При такой идиллии было вполне логичным, что российская сторона иногда, как говорят голландцы, «отпускала корюшку, чтобы поймать треску». В феврале 1712 г. канцлер граф Г.И. Головкин предложил гаагским политикам значительное снижение пошлин в захваченных у шведов прибалтийских портах и в Петербурге — в обмен на признание Генеральными штатами власти царя над принадлежавшими некогда русским частями Ингрии (она же Ингерманландия, она же Ижорская земля) и Карелии. Но заходить так далеко Республика не хотела, опасаясь враждебной реакции Швеции. Кроме того, при британском дворе экспансия России на Балтике вызывала только страх, а для Гааги сотрудничество с Лондоном было в те годы превыше всего. Так что более тесные связи с Россией, которые можно было бы истолковать как открытое нарушение нейтралитета, были сочтены нежелательными. Русские же, в свою очередь, поняли, что ожидать от Республики политических уступок не приходится, — и это не останется без последствий…
ИЛЛЮЗИИ И НЕДОРАЗУМЕНИЯ
С подписанием Утрехтского мира 1713 г. закончились и война за испанское наследство, и попытки голландцев не дать конфликтам в Западной и Восточной Европе слиться воедино. Попытки эти увенчались успехом, сам же мирный договор явился всего лишь регистрацией того, что состряпали совместно представители Франции и Великобритании. Республике же договор мало что принес, если не считать некоторого расширения ее права держать свои гарнизоны в отдельных крепостях Южных Нидерландов (будущие Бельгия и Люксембург), но и об этом надо было еще вести переговоры с императором Священной Римской империи, под власть которого перешли теперь эти бывшие испанские владения. После того как голландцы столько лет напрягали все свои силы в этой большой европейской войне, награда оказалась более чем скромной. Господам «Высокомочным» (так обращались к Генеральным штатам) оставалось лишь утереть слезы и начать заново определять место страны в силовом поле международной политики, соизмеряя свои цели и средства.

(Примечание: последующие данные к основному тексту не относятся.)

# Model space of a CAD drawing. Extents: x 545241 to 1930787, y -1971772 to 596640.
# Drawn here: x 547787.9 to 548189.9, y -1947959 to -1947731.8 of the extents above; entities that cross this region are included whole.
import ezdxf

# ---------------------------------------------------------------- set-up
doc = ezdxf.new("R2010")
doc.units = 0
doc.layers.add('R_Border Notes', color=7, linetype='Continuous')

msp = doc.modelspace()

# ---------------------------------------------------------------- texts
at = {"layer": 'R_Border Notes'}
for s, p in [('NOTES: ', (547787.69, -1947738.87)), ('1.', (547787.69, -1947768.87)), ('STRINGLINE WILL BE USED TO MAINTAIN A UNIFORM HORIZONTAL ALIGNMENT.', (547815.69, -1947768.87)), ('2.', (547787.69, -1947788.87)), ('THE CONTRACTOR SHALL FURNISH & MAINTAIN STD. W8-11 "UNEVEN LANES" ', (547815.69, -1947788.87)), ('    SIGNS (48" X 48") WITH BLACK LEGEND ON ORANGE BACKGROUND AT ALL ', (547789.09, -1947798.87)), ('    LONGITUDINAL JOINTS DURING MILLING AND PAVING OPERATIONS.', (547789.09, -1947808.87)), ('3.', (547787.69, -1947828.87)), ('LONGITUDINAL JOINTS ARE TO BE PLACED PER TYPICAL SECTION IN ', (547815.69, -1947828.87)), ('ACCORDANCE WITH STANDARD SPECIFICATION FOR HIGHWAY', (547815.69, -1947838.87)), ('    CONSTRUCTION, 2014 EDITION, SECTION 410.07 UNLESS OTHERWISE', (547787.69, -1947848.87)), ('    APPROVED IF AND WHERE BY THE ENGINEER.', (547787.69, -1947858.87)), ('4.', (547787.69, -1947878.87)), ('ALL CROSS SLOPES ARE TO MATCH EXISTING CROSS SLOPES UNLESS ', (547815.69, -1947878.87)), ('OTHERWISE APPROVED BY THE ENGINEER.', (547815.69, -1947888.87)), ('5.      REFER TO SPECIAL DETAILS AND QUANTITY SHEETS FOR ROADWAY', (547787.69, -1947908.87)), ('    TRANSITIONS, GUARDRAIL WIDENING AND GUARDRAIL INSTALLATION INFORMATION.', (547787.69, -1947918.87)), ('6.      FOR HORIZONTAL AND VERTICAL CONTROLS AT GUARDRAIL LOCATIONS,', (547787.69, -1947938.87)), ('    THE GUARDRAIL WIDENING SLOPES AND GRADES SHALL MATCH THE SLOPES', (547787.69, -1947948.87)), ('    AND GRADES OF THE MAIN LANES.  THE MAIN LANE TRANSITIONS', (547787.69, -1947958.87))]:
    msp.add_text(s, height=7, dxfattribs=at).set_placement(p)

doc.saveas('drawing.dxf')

В отношении голландцев к делам балтийским пока не заметно было изменений. Вслед за Амстердамом Гаага склонялась к тайной поддержке русского царя. По указанию Генеральных штатов их посол в Стамбуле граф Якобюс Кольер и дальше прилагал все усилия к сближению Османской империи и России{5}. Возможностей для этого стало еще больше, когда в феврале 1713-го в Бендерах Карл XII был схвачен янычарами, а потом посажен под арест неподалеку от Эдирне (Адрианополь). Стало ясно, что султанский двор устал от поджигательских интриг непрошеного гостя. Личное мужество Карла в бою с янычарами произвело на современников неизгладимое впечатление и во многом способствовало формированию героического мифа о короле-воине. Но этот образ не мог заслонить того факта, что Карл потерпел в Турции полную политическую неудачу.
Арест шведского монарха поставил Высокую Порту в положение не совсем обычное{6}. Османская империя формально находилась в состоянии войны с Россией, и вместе с тем достигли низшей точки ее отношения со Швецией. Султан предпочел пойти на мир с царем, тем более что в военную мощь скандинавской державы уже мало кто в Стамбуле верил. Для примирения с царем следовало решить две проблемы: заставить Карла XII как можно скорее покинуть Турцию и снять другие противоречия между нею и Россией. Уже в начале марта посол Генеральных штатов в Стамбуле направил своего драгомана (дипломата-переводчика) и секретаря Виллема Тейлса в Эдирне, где в то время пребывал султанский двор, готовясь к очередному походу. Сделано это было по просьбе русских: вице-канцлер П.П. Шафиров, который вот уже полтора года сидел в качестве заложника в тюрьме в Стамбуле, переправил Тейлсу тайное послание{7}. Секретарю голландского посольства удалось не только обсудить кое-что с турецкими сановниками, но и собрать ценную информацию о Карле XII и его окружении, которых держали неподалеку от Эдирне{8}.